**What is required:** Pull out every line below containing the word "IfcCircle".

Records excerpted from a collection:
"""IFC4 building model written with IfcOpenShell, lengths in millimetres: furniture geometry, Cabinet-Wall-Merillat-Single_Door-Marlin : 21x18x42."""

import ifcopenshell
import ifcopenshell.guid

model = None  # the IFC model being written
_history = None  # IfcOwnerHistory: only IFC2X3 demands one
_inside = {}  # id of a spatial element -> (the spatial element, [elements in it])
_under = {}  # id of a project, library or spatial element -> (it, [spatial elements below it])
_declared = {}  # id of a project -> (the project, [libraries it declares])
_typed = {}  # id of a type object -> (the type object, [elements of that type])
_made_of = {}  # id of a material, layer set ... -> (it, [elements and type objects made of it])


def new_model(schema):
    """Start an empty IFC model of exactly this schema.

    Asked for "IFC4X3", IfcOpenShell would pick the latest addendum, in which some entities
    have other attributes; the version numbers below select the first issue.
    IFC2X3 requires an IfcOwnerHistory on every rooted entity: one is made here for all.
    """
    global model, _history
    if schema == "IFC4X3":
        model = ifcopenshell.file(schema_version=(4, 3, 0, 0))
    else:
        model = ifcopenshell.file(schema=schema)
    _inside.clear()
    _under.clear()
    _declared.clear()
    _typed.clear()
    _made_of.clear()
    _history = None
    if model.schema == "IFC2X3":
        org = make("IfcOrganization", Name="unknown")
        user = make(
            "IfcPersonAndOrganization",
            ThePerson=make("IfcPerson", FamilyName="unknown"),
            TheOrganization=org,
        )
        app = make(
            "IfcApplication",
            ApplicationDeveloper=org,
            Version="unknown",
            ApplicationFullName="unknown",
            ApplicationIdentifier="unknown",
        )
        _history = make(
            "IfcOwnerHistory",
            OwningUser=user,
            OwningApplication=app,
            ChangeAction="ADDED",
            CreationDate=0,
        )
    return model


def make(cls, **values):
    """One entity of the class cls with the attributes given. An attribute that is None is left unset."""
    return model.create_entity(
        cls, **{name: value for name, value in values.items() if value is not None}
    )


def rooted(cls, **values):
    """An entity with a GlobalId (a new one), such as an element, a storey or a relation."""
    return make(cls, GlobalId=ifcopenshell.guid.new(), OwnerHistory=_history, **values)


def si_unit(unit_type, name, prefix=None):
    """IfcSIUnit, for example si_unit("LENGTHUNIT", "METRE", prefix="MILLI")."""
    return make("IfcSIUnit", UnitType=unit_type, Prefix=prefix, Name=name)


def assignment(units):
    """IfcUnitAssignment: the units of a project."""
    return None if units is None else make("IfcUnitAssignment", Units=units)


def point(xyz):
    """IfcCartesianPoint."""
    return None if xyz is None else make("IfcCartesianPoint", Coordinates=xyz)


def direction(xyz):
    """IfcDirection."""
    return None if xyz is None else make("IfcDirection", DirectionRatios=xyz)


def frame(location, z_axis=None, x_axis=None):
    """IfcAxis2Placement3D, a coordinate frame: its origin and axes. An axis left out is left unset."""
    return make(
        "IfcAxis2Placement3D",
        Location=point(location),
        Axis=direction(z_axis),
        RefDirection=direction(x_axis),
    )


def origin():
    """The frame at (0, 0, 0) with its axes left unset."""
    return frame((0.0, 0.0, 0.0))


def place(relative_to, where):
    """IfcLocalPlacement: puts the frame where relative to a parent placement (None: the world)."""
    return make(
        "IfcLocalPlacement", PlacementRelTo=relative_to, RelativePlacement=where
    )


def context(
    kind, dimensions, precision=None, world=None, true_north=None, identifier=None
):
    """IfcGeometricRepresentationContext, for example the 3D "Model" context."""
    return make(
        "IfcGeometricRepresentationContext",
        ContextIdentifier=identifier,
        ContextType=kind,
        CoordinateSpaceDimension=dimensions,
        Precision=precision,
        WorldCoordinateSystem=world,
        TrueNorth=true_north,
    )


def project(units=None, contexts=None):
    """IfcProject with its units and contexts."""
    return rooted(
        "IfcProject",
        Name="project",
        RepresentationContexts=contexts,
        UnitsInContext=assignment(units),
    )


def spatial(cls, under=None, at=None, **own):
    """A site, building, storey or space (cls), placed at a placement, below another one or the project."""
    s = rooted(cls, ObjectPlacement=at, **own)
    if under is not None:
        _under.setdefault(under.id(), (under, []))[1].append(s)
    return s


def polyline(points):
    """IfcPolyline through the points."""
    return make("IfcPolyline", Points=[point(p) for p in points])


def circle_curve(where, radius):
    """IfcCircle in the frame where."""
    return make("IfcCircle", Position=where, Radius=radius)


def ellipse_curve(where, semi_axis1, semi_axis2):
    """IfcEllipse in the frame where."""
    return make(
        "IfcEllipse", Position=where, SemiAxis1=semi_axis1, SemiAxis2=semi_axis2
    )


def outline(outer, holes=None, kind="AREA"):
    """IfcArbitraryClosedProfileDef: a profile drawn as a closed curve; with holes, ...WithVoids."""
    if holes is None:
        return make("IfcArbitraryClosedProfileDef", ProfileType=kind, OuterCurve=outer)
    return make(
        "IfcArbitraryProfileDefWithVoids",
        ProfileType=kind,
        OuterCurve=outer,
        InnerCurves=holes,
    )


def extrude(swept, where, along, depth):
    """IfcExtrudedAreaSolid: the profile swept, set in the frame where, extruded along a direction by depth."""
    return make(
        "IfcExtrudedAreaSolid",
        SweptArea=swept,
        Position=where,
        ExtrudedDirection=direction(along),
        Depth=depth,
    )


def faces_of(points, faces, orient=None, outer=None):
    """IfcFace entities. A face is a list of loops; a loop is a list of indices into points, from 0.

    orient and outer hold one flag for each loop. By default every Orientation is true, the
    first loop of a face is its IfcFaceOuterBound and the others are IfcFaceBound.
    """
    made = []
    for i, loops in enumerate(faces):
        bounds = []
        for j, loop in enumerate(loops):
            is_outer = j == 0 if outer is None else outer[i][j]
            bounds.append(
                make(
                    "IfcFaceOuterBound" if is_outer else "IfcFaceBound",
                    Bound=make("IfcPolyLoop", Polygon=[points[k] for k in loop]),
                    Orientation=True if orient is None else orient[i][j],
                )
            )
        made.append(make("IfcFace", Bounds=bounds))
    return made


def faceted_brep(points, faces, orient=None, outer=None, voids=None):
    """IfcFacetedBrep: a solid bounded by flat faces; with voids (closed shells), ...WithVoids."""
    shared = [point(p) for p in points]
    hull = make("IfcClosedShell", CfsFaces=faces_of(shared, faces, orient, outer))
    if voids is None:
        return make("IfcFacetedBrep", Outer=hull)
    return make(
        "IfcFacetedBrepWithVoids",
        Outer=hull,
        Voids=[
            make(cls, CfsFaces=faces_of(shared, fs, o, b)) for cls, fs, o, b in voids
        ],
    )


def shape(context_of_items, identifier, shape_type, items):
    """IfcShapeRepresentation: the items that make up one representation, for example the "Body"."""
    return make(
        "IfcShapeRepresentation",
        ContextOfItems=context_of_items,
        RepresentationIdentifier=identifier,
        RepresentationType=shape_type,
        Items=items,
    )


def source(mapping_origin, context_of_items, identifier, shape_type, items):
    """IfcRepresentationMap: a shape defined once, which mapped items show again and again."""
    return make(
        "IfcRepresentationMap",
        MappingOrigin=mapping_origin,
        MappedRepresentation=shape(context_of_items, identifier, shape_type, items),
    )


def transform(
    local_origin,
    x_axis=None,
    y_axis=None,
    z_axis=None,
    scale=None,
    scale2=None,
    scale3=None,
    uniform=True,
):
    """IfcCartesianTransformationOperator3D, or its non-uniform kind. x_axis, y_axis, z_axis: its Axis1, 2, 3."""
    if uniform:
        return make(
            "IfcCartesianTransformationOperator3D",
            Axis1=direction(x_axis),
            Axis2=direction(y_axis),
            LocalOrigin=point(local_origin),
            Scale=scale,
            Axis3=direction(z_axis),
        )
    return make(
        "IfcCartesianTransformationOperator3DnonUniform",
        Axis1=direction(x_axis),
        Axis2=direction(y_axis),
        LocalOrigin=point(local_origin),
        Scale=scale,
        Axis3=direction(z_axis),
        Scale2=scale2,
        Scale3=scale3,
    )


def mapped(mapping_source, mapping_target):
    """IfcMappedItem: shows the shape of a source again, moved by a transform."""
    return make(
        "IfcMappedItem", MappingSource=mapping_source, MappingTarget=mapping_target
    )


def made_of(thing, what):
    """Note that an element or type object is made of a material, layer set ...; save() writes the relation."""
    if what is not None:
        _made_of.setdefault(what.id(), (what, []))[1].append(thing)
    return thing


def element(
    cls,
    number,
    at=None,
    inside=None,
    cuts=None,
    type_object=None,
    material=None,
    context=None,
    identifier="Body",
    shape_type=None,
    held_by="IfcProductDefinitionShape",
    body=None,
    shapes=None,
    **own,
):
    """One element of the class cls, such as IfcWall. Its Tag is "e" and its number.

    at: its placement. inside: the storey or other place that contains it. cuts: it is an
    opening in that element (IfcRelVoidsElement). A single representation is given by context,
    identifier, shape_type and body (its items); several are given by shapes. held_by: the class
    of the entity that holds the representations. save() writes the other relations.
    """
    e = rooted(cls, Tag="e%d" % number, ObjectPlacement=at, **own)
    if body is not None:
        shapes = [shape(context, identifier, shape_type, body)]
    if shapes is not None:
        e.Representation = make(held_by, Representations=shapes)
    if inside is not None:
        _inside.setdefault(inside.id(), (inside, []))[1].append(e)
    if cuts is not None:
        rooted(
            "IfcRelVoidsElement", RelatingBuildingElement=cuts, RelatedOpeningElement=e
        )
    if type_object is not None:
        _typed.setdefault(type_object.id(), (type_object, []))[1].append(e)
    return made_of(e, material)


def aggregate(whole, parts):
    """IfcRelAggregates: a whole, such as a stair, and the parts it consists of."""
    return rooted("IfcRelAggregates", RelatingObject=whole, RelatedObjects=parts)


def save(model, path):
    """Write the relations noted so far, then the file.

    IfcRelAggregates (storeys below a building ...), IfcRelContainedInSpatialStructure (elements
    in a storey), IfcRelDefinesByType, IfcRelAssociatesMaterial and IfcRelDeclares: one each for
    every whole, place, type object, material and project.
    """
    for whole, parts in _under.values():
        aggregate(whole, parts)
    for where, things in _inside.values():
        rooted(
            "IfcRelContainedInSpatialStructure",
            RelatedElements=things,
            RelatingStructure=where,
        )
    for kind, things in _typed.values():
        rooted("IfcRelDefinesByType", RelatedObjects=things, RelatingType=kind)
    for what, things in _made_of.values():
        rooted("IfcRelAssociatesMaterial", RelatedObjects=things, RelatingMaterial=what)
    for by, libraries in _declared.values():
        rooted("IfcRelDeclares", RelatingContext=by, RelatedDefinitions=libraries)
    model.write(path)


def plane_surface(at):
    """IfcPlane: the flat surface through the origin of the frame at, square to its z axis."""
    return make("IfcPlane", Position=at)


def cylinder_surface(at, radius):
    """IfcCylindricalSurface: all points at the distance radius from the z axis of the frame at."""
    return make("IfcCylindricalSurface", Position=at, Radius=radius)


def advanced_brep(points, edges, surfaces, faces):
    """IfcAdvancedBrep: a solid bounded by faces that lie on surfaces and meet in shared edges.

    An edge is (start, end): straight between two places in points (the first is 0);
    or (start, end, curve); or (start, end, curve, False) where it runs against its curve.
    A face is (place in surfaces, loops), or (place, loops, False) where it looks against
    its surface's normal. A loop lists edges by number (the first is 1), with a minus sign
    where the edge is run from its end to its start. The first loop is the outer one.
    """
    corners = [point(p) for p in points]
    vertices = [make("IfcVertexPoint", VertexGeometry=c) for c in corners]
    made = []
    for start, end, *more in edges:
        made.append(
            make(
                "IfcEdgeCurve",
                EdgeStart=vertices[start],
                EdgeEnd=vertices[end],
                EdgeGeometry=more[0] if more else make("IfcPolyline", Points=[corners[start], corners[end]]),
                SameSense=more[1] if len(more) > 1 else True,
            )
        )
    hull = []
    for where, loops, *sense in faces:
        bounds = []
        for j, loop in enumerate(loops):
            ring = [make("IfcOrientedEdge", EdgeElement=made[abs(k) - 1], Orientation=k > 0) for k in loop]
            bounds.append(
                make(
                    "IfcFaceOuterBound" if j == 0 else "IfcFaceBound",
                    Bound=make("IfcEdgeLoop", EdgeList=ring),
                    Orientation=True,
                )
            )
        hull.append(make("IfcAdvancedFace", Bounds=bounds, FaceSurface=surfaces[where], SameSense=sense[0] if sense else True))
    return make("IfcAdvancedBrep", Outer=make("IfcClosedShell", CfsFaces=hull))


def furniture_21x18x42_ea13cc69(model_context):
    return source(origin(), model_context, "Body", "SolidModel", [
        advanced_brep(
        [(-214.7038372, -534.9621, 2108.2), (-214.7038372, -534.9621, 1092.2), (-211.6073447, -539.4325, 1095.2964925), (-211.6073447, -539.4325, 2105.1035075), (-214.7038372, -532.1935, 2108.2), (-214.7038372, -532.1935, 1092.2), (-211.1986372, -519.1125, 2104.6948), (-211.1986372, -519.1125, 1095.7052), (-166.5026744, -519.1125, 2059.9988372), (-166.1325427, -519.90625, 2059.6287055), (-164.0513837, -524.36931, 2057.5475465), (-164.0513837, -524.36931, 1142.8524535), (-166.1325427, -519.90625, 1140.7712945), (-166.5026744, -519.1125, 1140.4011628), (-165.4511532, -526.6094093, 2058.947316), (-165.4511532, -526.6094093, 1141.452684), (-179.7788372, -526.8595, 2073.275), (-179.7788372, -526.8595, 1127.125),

**Written response:**
    """IfcCircle in the frame where."""
    return make("IfcCircle", Position=where, Radius=radius)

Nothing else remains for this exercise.